Record extracts below:

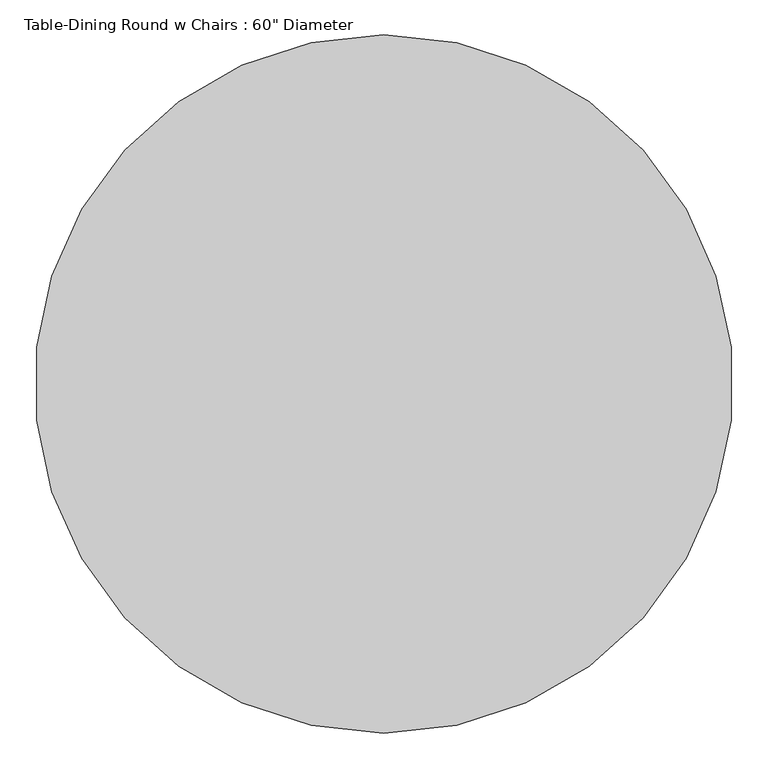
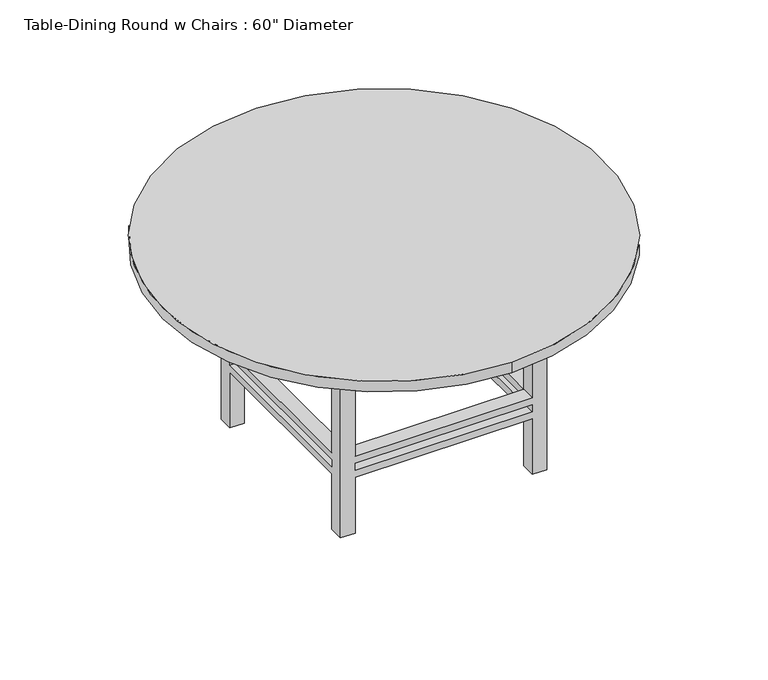
"""IFC4 building model written with IfcOpenShell, lengths in millimetres: furniture geometry."""

import ifcopenshell
import ifcopenshell.guid

model = None  # the IFC model being written
_history = None  # IfcOwnerHistory: only IFC2X3 demands one
_inside = {}  # id of a spatial element -> (the spatial element, [elements in it])
_under = {}  # id of a project, library or spatial element -> (it, [spatial elements below it])
_declared = {}  # id of a project -> (the project, [libraries it declares])
_typed = {}  # id of a type object -> (the type object, [elements of that type])
_made_of = {}  # id of a material, layer set ... -> (it, [elements and type objects made of it])


def new_model(schema):
    """Start an empty IFC model of exactly this schema.

    Asked for "IFC4X3", IfcOpenShell would pick the latest addendum, in which some entities
    have other attributes; the version numbers below select the first issue.
    IFC2X3 requires an IfcOwnerHistory on every rooted entity: one is made here for all.
    """
    global model, _history
    if schema == "IFC4X3":
        model = ifcopenshell.file(schema_version=(4, 3, 0, 0))
    else:
        model = ifcopenshell.file(schema=schema)
    _inside.clear()
    _under.clear()
    _declared.clear()
    _typed.clear()
    _made_of.clear()
    _history = None
    if model.schema == "IFC2X3":
        org = make("IfcOrganization", Name="unknown")
        user = make(
            "IfcPersonAndOrganization",
            ThePerson=make("IfcPerson", FamilyName="unknown"),
            TheOrganization=org,
        )
        app = make(
            "IfcApplication",
            ApplicationDeveloper=org,
            Version="unknown",
            ApplicationFullName="unknown",
            ApplicationIdentifier="unknown",
        )
        _history = make(
            "IfcOwnerHistory",
            OwningUser=user,
            OwningApplication=app,
            ChangeAction="ADDED",
            CreationDate=0,
        )
    return model


def make(cls, **values):
    """One entity of the class cls with the attributes given. An attribute that is None is left unset."""
    return model.create_entity(
        cls, **{name: value for name, value in values.items() if value is not None}
    )


def rooted(cls, **values):
    """An entity with a GlobalId (a new one), such as an element, a storey or a relation."""
    return make(cls, GlobalId=ifcopenshell.guid.new(), OwnerHistory=_history, **values)


def si_unit(unit_type, name, prefix=None):
    """IfcSIUnit, for example si_unit("LENGTHUNIT", "METRE", prefix="MILLI")."""
    return make("IfcSIUnit", UnitType=unit_type, Prefix=prefix, Name=name)


def assignment(units):
    """IfcUnitAssignment: the units of a project."""
    return None if units is None else make("IfcUnitAssignment", Units=units)


def point(xyz):
    """IfcCartesianPoint."""
    return None if xyz is None else make("IfcCartesianPoint", Coordinates=xyz)


def direction(xyz):
    """IfcDirection."""
    return None if xyz is None else make("IfcDirection", DirectionRatios=xyz)


def frame(location, z_axis=None, x_axis=None):
    """IfcAxis2Placement3D, a coordinate frame: its origin and axes. An axis left out is left unset."""
    return make(
        "IfcAxis2Placement3D",
        Location=point(location),
        Axis=direction(z_axis),
        RefDirection=direction(x_axis),
    )


def frame_2d(location, x_axis=None):
    """IfcAxis2Placement2D, a coordinate frame in the plane: its origin and x axis."""
    return make(
        "IfcAxis2Placement2D", Location=point(location), RefDirection=direction(x_axis)
    )


def origin():
    """The frame at (0, 0, 0) with its axes left unset."""
    return frame((0.0, 0.0, 0.0))


def place(relative_to, where):
    """IfcLocalPlacement: puts the frame where relative to a parent placement (None: the world)."""
    return make(
        "IfcLocalPlacement", PlacementRelTo=relative_to, RelativePlacement=where
    )


def context(
    kind, dimensions, precision=None, world=None, true_north=None, identifier=None
):
    """IfcGeometricRepresentationContext, for example the 3D "Model" context."""
    return make(
        "IfcGeometricRepresentationContext",
        ContextIdentifier=identifier,
        ContextType=kind,
        CoordinateSpaceDimension=dimensions,
        Precision=precision,
        WorldCoordinateSystem=world,
        TrueNorth=true_north,
    )


def project(units=None, contexts=None):
    """IfcProject with its units and contexts."""
    return rooted(
        "IfcProject",
        Name="project",
        RepresentationContexts=contexts,
        UnitsInContext=assignment(units),
    )


def spatial(cls, under=None, at=None, **own):
    """A site, building, storey or space (cls), placed at a placement, below another one or the project."""
    s = rooted(cls, ObjectPlacement=at, **own)
    if under is not None:
        _under.setdefault(under.id(), (under, []))[1].append(s)
    return s


def polyline(points):
    """IfcPolyline through the points."""
    return make("IfcPolyline", Points=[point(p) for p in points])


def circle_curve(where, radius):
    """IfcCircle in the frame where."""
    return make("IfcCircle", Position=where, Radius=radius)


def trimmed(basis, trim1, trim2, sense, master):
    """IfcTrimmedCurve: the piece of a basis curve between two trims."""
    return make(
        "IfcTrimmedCurve",
        BasisCurve=basis,
        Trim1=trim1,
        Trim2=trim2,
        SenseAgreement=sense,
        MasterRepresentation=master,
    )


def segment(curve, same_sense, transition):
    """IfcCompositeCurveSegment."""
    return make(
        "IfcCompositeCurveSegment",
        Transition=transition,
        SameSense=same_sense,
        ParentCurve=curve,
    )


def composite_curve(segments, self_intersect=None):
    """IfcCompositeCurve: segments joined end to end."""
    return make("IfcCompositeCurve", Segments=segments, SelfIntersect=self_intersect)


def outline(outer, holes=None, kind="AREA"):
    """IfcArbitraryClosedProfileDef: a profile drawn as a closed curve; with holes, ...WithVoids."""
    if holes is None:
        return make("IfcArbitraryClosedProfileDef", ProfileType=kind, OuterCurve=outer)
    return make(
        "IfcArbitraryProfileDefWithVoids",
        ProfileType=kind,
        OuterCurve=outer,
        InnerCurves=holes,
    )


def extrude(swept, where, along, depth):
    """IfcExtrudedAreaSolid: the profile swept, set in the frame where, extruded along a direction by depth."""
    return make(
        "IfcExtrudedAreaSolid",
        SweptArea=swept,
        Position=where,
        ExtrudedDirection=direction(along),
        Depth=depth,
    )


def faces_of(points, faces, orient=None, outer=None):
    """IfcFace entities. A face is a list of loops; a loop is a list of indices into points, from 0.

    orient and outer hold one flag for each loop. By default every Orientation is true, the
    first loop of a face is its IfcFaceOuterBound and the others are IfcFaceBound.
    """
    made = []
    for i, loops in enumerate(faces):
        bounds = []
        for j, loop in enumerate(loops):
            is_outer = j == 0 if outer is None else outer[i][j]
            bounds.append(
                make(
                    "IfcFaceOuterBound" if is_outer else "IfcFaceBound",
                    Bound=make("IfcPolyLoop", Polygon=[points[k] for k in loop]),
                    Orientation=True if orient is None else orient[i][j],
                )
            )
        made.append(make("IfcFace", Bounds=bounds))
    return made


def faceted_brep(points, faces, orient=None, outer=None, voids=None):
    """IfcFacetedBrep: a solid bounded by flat faces; with voids (closed shells), ...WithVoids."""
    shared = [point(p) for p in points]
    hull = make("IfcClosedShell", CfsFaces=faces_of(shared, faces, orient, outer))
    if voids is None:
        return make("IfcFacetedBrep", Outer=hull)
    return make(
        "IfcFacetedBrepWithVoids",
        Outer=hull,
        Voids=[
            make(cls, CfsFaces=faces_of(shared, fs, o, b)) for cls, fs, o, b in voids
        ],
    )


def shape(context_of_items, identifier, shape_type, items):
    """IfcShapeRepresentation: the items that make up one representation, for example the "Body"."""
    return make(
        "IfcShapeRepresentation",
        ContextOfItems=context_of_items,
        RepresentationIdentifier=identifier,
        RepresentationType=shape_type,
        Items=items,
    )


def source(mapping_origin, context_of_items, identifier, shape_type, items):
    """IfcRepresentationMap: a shape defined once, which mapped items show again and again."""
    return make(
        "IfcRepresentationMap",
        MappingOrigin=mapping_origin,
        MappedRepresentation=shape(context_of_items, identifier, shape_type, items),
    )


def transform(
    local_origin,
    x_axis=None,
    y_axis=None,
    z_axis=None,
    scale=None,
    scale2=None,
    scale3=None,
    uniform=True,
):
    """IfcCartesianTransformationOperator3D, or its non-uniform kind. x_axis, y_axis, z_axis: its Axis1, 2, 3."""
    if uniform:
        return make(
            "IfcCartesianTransformationOperator3D",
            Axis1=direction(x_axis),
            Axis2=direction(y_axis),
            LocalOrigin=point(local_origin),
            Scale=scale,
            Axis3=direction(z_axis),
        )
    return make(
        "IfcCartesianTransformationOperator3DnonUniform",
        Axis1=direction(x_axis),
        Axis2=direction(y_axis),
        LocalOrigin=point(local_origin),
        Scale=scale,
        Axis3=direction(z_axis),
        Scale2=scale2,
        Scale3=scale3,
    )


def mapped(mapping_source, mapping_target):
    """IfcMappedItem: shows the shape of a source again, moved by a transform."""
    return make(
        "IfcMappedItem", MappingSource=mapping_source, MappingTarget=mapping_target
    )


def made_of(thing, what):
    """Note that an element or type object is made of a material, layer set ...; save() writes the relation."""
    if what is not None:
        _made_of.setdefault(what.id(), (what, []))[1].append(thing)
    return thing


def element(
    cls,
    number,
    at=None,
    inside=None,
    cuts=None,
    type_object=None,
    material=None,
    context=None,
    identifier="Body",
    shape_type=None,
    held_by="IfcProductDefinitionShape",
    body=None,
    shapes=None,
    **own,
):
    """One element of the class cls, such as IfcWall. Its Tag is "e" and its number.

    at: its placement. inside: the storey or other place that contains it. cuts: it is an
    opening in that element (IfcRelVoidsElement). A single representation is given by context,
    identifier, shape_type and body (its items); several are given by shapes. held_by: the class
    of the entity that holds the representations. save() writes the other relations.
    """
    e = rooted(cls, Tag="e%d" % number, ObjectPlacement=at, **own)
    if body is not None:
        shapes = [shape(context, identifier, shape_type, body)]
    if shapes is not None:
        e.Representation = make(held_by, Representations=shapes)
    if inside is not None:
        _inside.setdefault(inside.id(), (inside, []))[1].append(e)
    if cuts is not None:
        rooted(
            "IfcRelVoidsElement", RelatingBuildingElement=cuts, RelatedOpeningElement=e
        )
    if type_object is not None:
        _typed.setdefault(type_object.id(), (type_object, []))[1].append(e)
    return made_of(e, material)


def aggregate(whole, parts):
    """IfcRelAggregates: a whole, such as a stair, and the parts it consists of."""
    return rooted("IfcRelAggregates", RelatingObject=whole, RelatedObjects=parts)


def save(model, path):
    """Write the relations noted so far, then the file.

    IfcRelAggregates (storeys below a building ...), IfcRelContainedInSpatialStructure (elements
    in a storey), IfcRelDefinesByType, IfcRelAssociatesMaterial and IfcRelDeclares: one each for
    every whole, place, type object, material and project.
    """
    for whole, parts in _under.values():
        aggregate(whole, parts)
    for where, things in _inside.values():
        rooted(
            "IfcRelContainedInSpatialStructure",
            RelatedElements=things,
            RelatingStructure=where,
        )
    for kind, things in _typed.values():
        rooted("IfcRelDefinesByType", RelatedObjects=things, RelatingType=kind)
    for what, things in _made_of.values():
        rooted("IfcRelAssociatesMaterial", RelatedObjects=things, RelatingMaterial=what)
    for by, libraries in _declared.values():
        rooted("IfcRelDeclares", RelatingContext=by, RelatedDefinitions=libraries)
    model.write(path)


def furniture_bbcc68ce(model_context):
    return source(origin(), model_context, "Body", "SolidModel", [
        faceted_brep([(408.4819672, 119.9213115, 279.4), (408.4819672, -489.6786885, 279.4), (459.2819672, -489.6786885, 279.4), (459.2819672, 119.9213115, 279.4), (-201.1180328, -489.6786885, 279.4), (-201.1180328, -540.4786885, 279.4), (408.4819672, -540.4786885, 279.4), (-201.1180328, 119.9213115, 279.4), (-251.9180328, 119.9213115, 279.4), (-251.9180328, -489.6786885, 279.4), (408.4819672, 170.7213115, 279.4), (-201.1180328, 170.7213115, 279.4), (408.4819672, 119.9213115, 254.0), (-201.1180328, 119.9213115, 254.0), (-201.1180328, 170.7213115, 254.0), (408.4819672, 170.7213115, 254.0), (-201.1180328, -489.6786885, 254.0), (-251.9180328, -489.6786885, 254.0), (-251.9180328, 119.9213115, 254.0), (408.4819672, -489.6786885, 254.0), (408.4819672, -540.4786885, 254.0), (-201.1180328, -540.4786885, 254.0), (459.2819672, 119.9213115, 254.0), (459.2819672, -489.6786885, 254.0), (-251.9180328, 170.7213115, 647.7), (-201.1180328, 170.7213115, 647.7), (408.4819672, 170.7213115, 647.7), (459.2819672, 170.7213115, 647.7), (459.2819672, 170.7213115, 0.0), (408.4819672, 170.7213115, 0.0), (408.4819672, 170.7213115, 203.2), (-201.1180328, 170.7213115, 203.2), (-201.1180328, 170.7213115, 0.0), (-251.9180328, 170.7213115, 0.0), (-201.1180328, 170.7213115, 228.6), (408.4819672, 170.7213115, 228.6), (-251.9180328, 119.9213115, 647.7), (-251.9180328, 119.9213115, 0.0), (-251.9180328, 119.9213115, 203.2), (-251.9180328, -489.6786885, 203.2), (-251.9180328, -489.6786885, 0.0), (-251.9180328, -540.4786885, 0.0), (-251.9180328, -540.4786885, 647.7), (-251.9180328, -489.6786885, 647.7), (-251.9180328, -489.6786885, 228.6), (-251.9180328, 119.9213115, 228.6), (459.2819672, -540.4786885, 647.7), (408.4819672, -540.4786885, 647.7), (-201.1180328, -540.4786885, 647.7), (-201.1180328, -540.4786885, 0.0), (-201.1180328, -540.4786885, 203.2), (408.4819672, -540.4786885, 203.2), (408.4819672, -540.4786885, 0.0), (459.2819672, -540.4786885, 0.0), (408.4819672, -540.4786885, 228.6), (-201.1180328, -540.4786885, 228.6), (459.2819672, 119.9213115, 647.7), (459.2819672, -489.6786885, 647.7), (459.2819672, -489.6786885, 0.0), (459.2819672, -489.6786885, 203.2), (459.2819672, 119.9213115, 203.2), (459.2819672, 119.9213115, 0.0), (459.2819672, 119.9213115, 228.6), (459.2819672, -489.6786885, 228.6), (-201.1180328, 119.9213115, 647.7), (408.4819672, -489.6786885, 647.7), (408.4819672, 119.9213115, 647.7), (-201.1180328, -489.6786885, 647.7), (408.4819672, 119.9213115, 0.0), (-201.1180328, -489.6786885, 0.0), (-201.1180328, 119.9213115, 0.0), (408.4819672, -489.6786885, 0.0), (-201.1180328, 119.9213115, 228.6), (-201.1180328, 119.9213115, 203.2), (408.4819672, 119.9213115, 228.6), (408.4819672, 119.9213115, 203.2), (408.4819672, -489.6786885, 228.6), (408.4819672, -489.6786885, 203.2), (-201.1180328, -489.6786885, 228.6), (-201.1180328, -489.6786885, 203.2)], [[[0, 1, 2, 3]], [[1, 4, 5, 6]], [[4, 7, 8, 9]], [[7, 0, 10, 11]], [[12, 13, 14, 15]], [[13, 16, 17, 18]], [[16, 19, 20, 21]], [[19, 12, 22, 23]], [[24, 25, 11, 10, 26, 27, 28, 29, 30, 31, 32, 33], [14, 34, 35, 15]], [[36, 24, 33, 37, 38, 39, 40, 41, 42, 43, 9, 8], [17, 44, 45, 18]], [[46, 47, 6, 5, 48, 42, 41, 49, 50, 51, 52, 53], [20, 54, 55, 21]], [[28, 27, 56, 3, 2, 57, 46, 53, 58, 59, 60, 61], [22, 62, 63, 23]], [[1, 0, 12, 19]], [[4, 1, 19, 16]], [[7, 4, 16, 13]], [[0, 7, 13, 12]], [[25, 24, 36, 64]], [[47, 46, 57, 65]], [[26, 66, 56, 27]], [[48, 67, 43, 42]], [[29, 28, 61, 68]], [[49, 41, 40, 69]], [[32, 70, 37, 33]], [[52, 71, 58, 53]], [[13, 18, 45, 72]], [[64, 36, 8, 7]], [[37, 70, 73, 38]], [[14, 13, 72, 34]], [[25, 64, 7, 11]], [[70, 32, 31, 73]], [[12, 15, 35, 74]], [[66, 26, 10, 0]], [[29, 68, 75, 30]], [[22, 12, 74, 62]], [[56, 66, 0, 3]], [[68, 61, 60, 75]], [[19, 23, 63, 76]], [[65, 57, 2, 1]], [[58, 71, 77, 59]], [[20, 19, 76, 54]], [[47, 65, 1, 6]], [[71, 52, 51, 77]], [[16, 21, 55, 78]], [[67, 48, 5, 4]], [[49, 69, 79, 50]], [[17, 16, 78, 44]], [[43, 67, 4, 9]], [[69, 40, 39, 79]], [[74, 76, 63, 62]], [[76, 78, 55, 54]], [[78, 72, 45, 44]], [[72, 74, 35, 34]], [[75, 73, 31, 30]], [[73, 79, 39, 38]], [[79, 77, 51, 50]], [[77, 75, 60, 59]], [[76, 74, 75, 77]], [[78, 76, 77, 79]], [[72, 78, 79, 73]], [[74, 72, 73, 75]]]),
        extrude(outline(polyline([(484.6819672, 196.1213115), (484.6819672, -565.8786885), (-277.3180328, -565.8786885), (-277.3180328, 196.1213115), (484.6819672, 196.1213115)]), holes=[polyline([(459.2819672, 170.7213115), (-251.9180328, 170.7213115), (-251.9180328, -540.4786885), (459.2819672, -540.4786885), (459.2819672, 170.7213115)])]), frame((0.0, 0.0, 647.7), z_axis=(0.0, 0.0, 1.0), x_axis=(1.0, 0.0, 0.0)), (0.0, 0.0, 1.0), 76.2),
        extrude(outline(composite_curve([segment(trimmed(circle_curve(frame_2d((103.6819672, -184.8786885)), 762.0), [point((103.6819672, -946.8786885))], [point((103.6819672, 577.1213115))], False, "CARTESIAN"), True, "CONTINUOUS"), segment(trimmed(circle_curve(frame_2d((103.6819672, -184.8786885)), 762.0), [point((103.6819672, 577.1213115))], [point((103.6819672, -946.8786885))], False, "CARTESIAN"), True, "CONTINUOUS")], self_intersect=False)), frame((0.0, 0.0, 723.9), z_axis=(0.0, 0.0, 1.0), x_axis=(1.0, 0.0, 0.0)), (0.0, 0.0, 1.0), 38.1),
    ])


if __name__ == "__main__":
    model = new_model("IFC4")
    model_context = context("Model", 3, world=origin())
    ifc_project = project(units=[si_unit("LENGTHUNIT", "METRE", prefix="MILLI")], contexts=[model_context])
    site = spatial("IfcSite", under=ifc_project)
    building = spatial("IfcBuilding", under=site)
    placement = place(None, origin())
    furniture_shape = furniture_bbcc68ce(model_context)
    element("IfcFurniture", 1, ObjectType="Table-Dining Round w Chairs : 60\" Diameter", at=placement, inside=building, context=model_context, shape_type="MappedRepresentation", body=[
        mapped(furniture_shape, transform((0.0, 0.0, 0.0), x_axis=(1.0, 0.0, 0.0), y_axis=(0.0, 1.0, 0.0), z_axis=(0.0, 0.0, 1.0))),
    ])
    save(model, "model.ifc")

# Revit data of these elements
# Type "Table-Dining Round w Chairs : 60\" Diameter"
#   Assembly Code = "E2020200"
#   Radius = 2' - 6"
#   Diameter = 5' - 0"
#   Height = 2' - 6"
#   Chairs = 6
#   Base Material = Pine
#   Top Material = Laminate, Linen, Matte
# Element 1 (IfcFurniture, "Table-Dining Round w Chairs : 60\" Diameter")
#   Materials on its faces: "Pine", "Laminate, Linen, Matte"
# Materials
#   "Pine": class "Wood", colour RGB 223 192 134, transparency 0, Description = "Pinus Echinata", Cost = 0
#   "Laminate, Linen, Matte": class "Plastic", colour RGB 249 239 230, transparency 0, Description = "Plastic Laminate - Linen, Matte", Cost = 0

End of Record extracts.

- Exercise description:
The reply should consist of one number, the count of lines above with the string "GlobalId" in them.

- Response area:
2